EXERCISE AIM: This exercise calls for every line of the listing below that contains the word "Seat".

EXERCISE MATERIAL:
◆ ◆ ◆ ◆ ◆ ◆ ◆

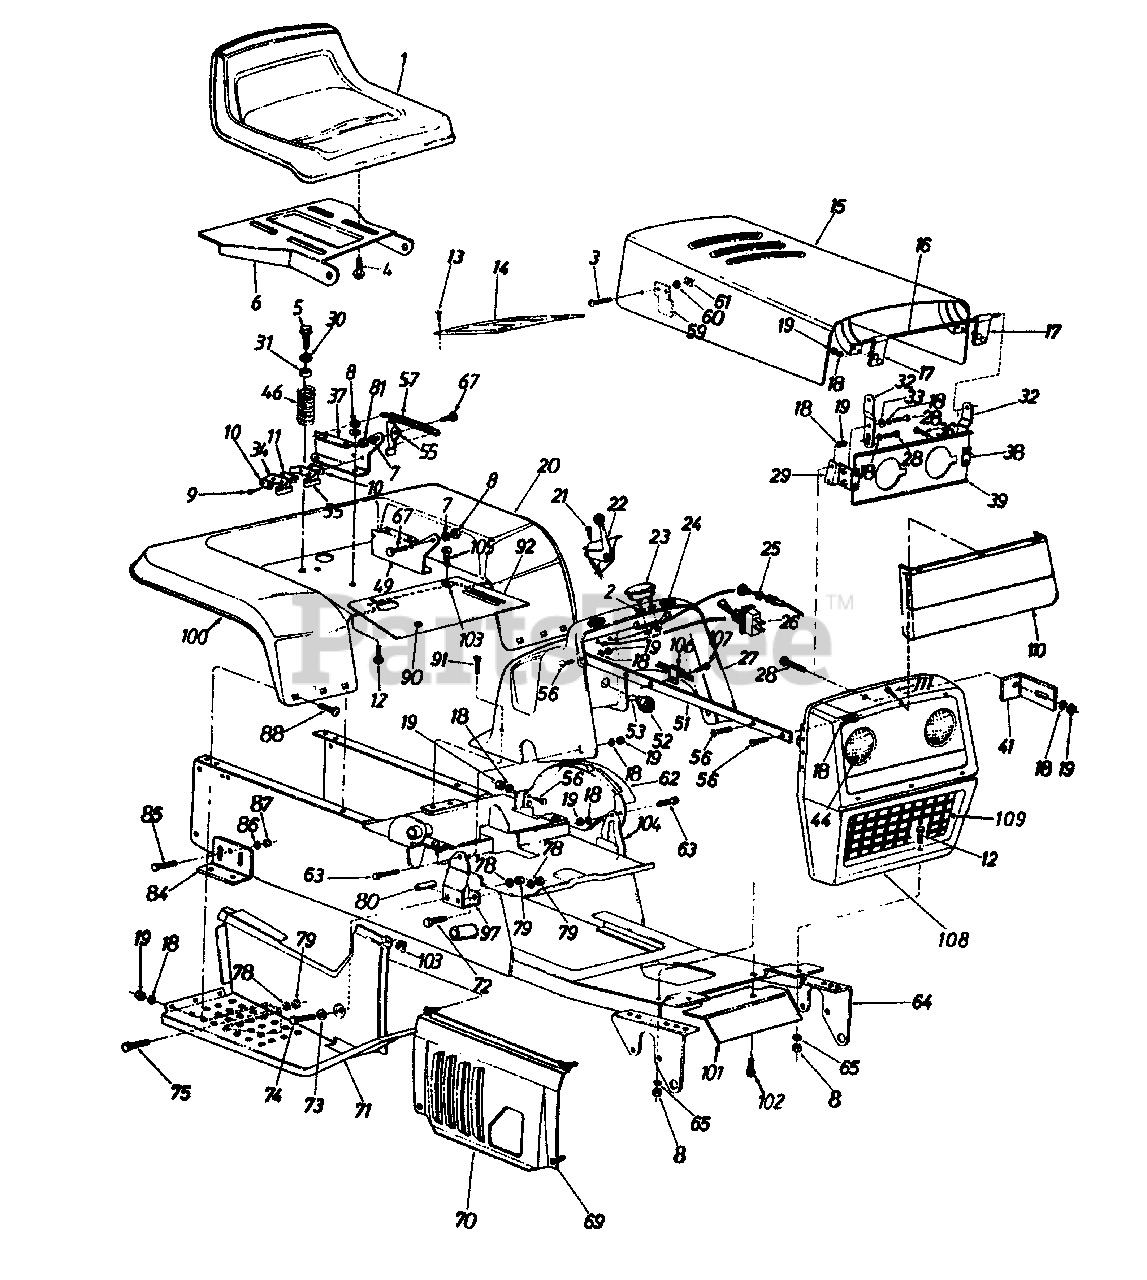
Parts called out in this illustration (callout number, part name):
1	Seat Assembly (Yellow)
2	Lock Washer 190" I.D.
3	Truss Hd. Mach. Scr. #10-24 x .38"
4	Hex Wash. Hd. Self-Tap Scr. 3/8-16 x .75" 5
7	L-Wash. 5/16" I.D.
8	Hex Nut 5/16-18 Thd. Grade 5
9	Hex Wash, Hd. AB-Tap Scr. #8 x .5"
10	Insulator Plate
11	Insulator Boss Plate
12	Hex Bolt 5/16-18 x .75" Lg.
13	Self-Tap Oval Hd. Scr. 1/2" Lg.
14	Dash Panel Cover
17	Hood Hinge Assembly
18	L-Wash. 1/4" I.D.
19	Hex Nut 1/4-20 Thd.
22	Throttle Control
23	Ammeter
24	Rubber Bumper
25	Choke Control
26	Light Switch
27	Dash Panel
28	Hex Bolt 1/4-20 x .62" Lg.
29	Hood Support Brkt. Assembly.-R.H.
30	Fl-Wash, .344" I.D. x .875"
31	Bushing
34	Safety Switch (Seat)
35	Safety Switch (Seat)
36	Hex Bolt 1/4-20 x .38" Lg.
38	Hood Support Brkt. Assembly-L.H.
41	Heat Shield Brkt.
44	Head Lamp
46	Compression Spring 4.5" Lg.
53	Ignition Key
55	Seat Lift Bracket
56	Hex Bolt 1/4-20 x .75" Lg.
57	Extension Spring 5.31" Lg.
59	Hood Spring
60	L-Wash. #10
61	Hex Nut #10-24 Thd.
67	Shld. Bolt .437" Dia. x .268"
69	Truss Mach. Scr. #10-24 x .5" Lg.
73	Fl-Wash. .385" I.D. x .62" O.D.
74	Hex Bolt 3/8-16 x 3.00" Lg.
75	Hex Bolt 3/8-16 x 1.00" Lg. Grade 5
78	L-Wash. 3/8" I.D.
79	Hex Nut 3/8-16 Thd.
80	Spacer .375" I.D. x .62" O.D. x 2"
81	Hex Nut 5/16-18 Thd. (Gr. 5)
84	Transaxle Support Brkt.
85	Rd. Hd. Rib Neck Scr. 3/8-24
86	L-Wash. 3/8" I.D.
87	Hex Nut 3/8-24 Thd. (Gr. 5)
88	Carr. Bolt 1/4-20 x .50" Lg.
90	Snap Bushing
91	Hex Wash. Hd. Tap Scr. 1/4-20 x .5"
103	Speed Nut #10-24 Thd.
104	Dash Panel Mtg. Brkt.-L.H.
105	Truss Mach. Scr. #10-24 x .5"
106	Clamp
107	Self-Tap Scr. 5/16 x .5" Lg.
110	Headlight Bezel
111	Hex Washer Head Screw #8 x .5"

◆ ◆ ◆ ◆ ◆ ◆ ◆

EXERCISE RESULT:
1	Seat Assembly (Yellow)
34	Safety Switch (Seat)
35	Safety Switch (Seat)
55	Seat Lift Bracket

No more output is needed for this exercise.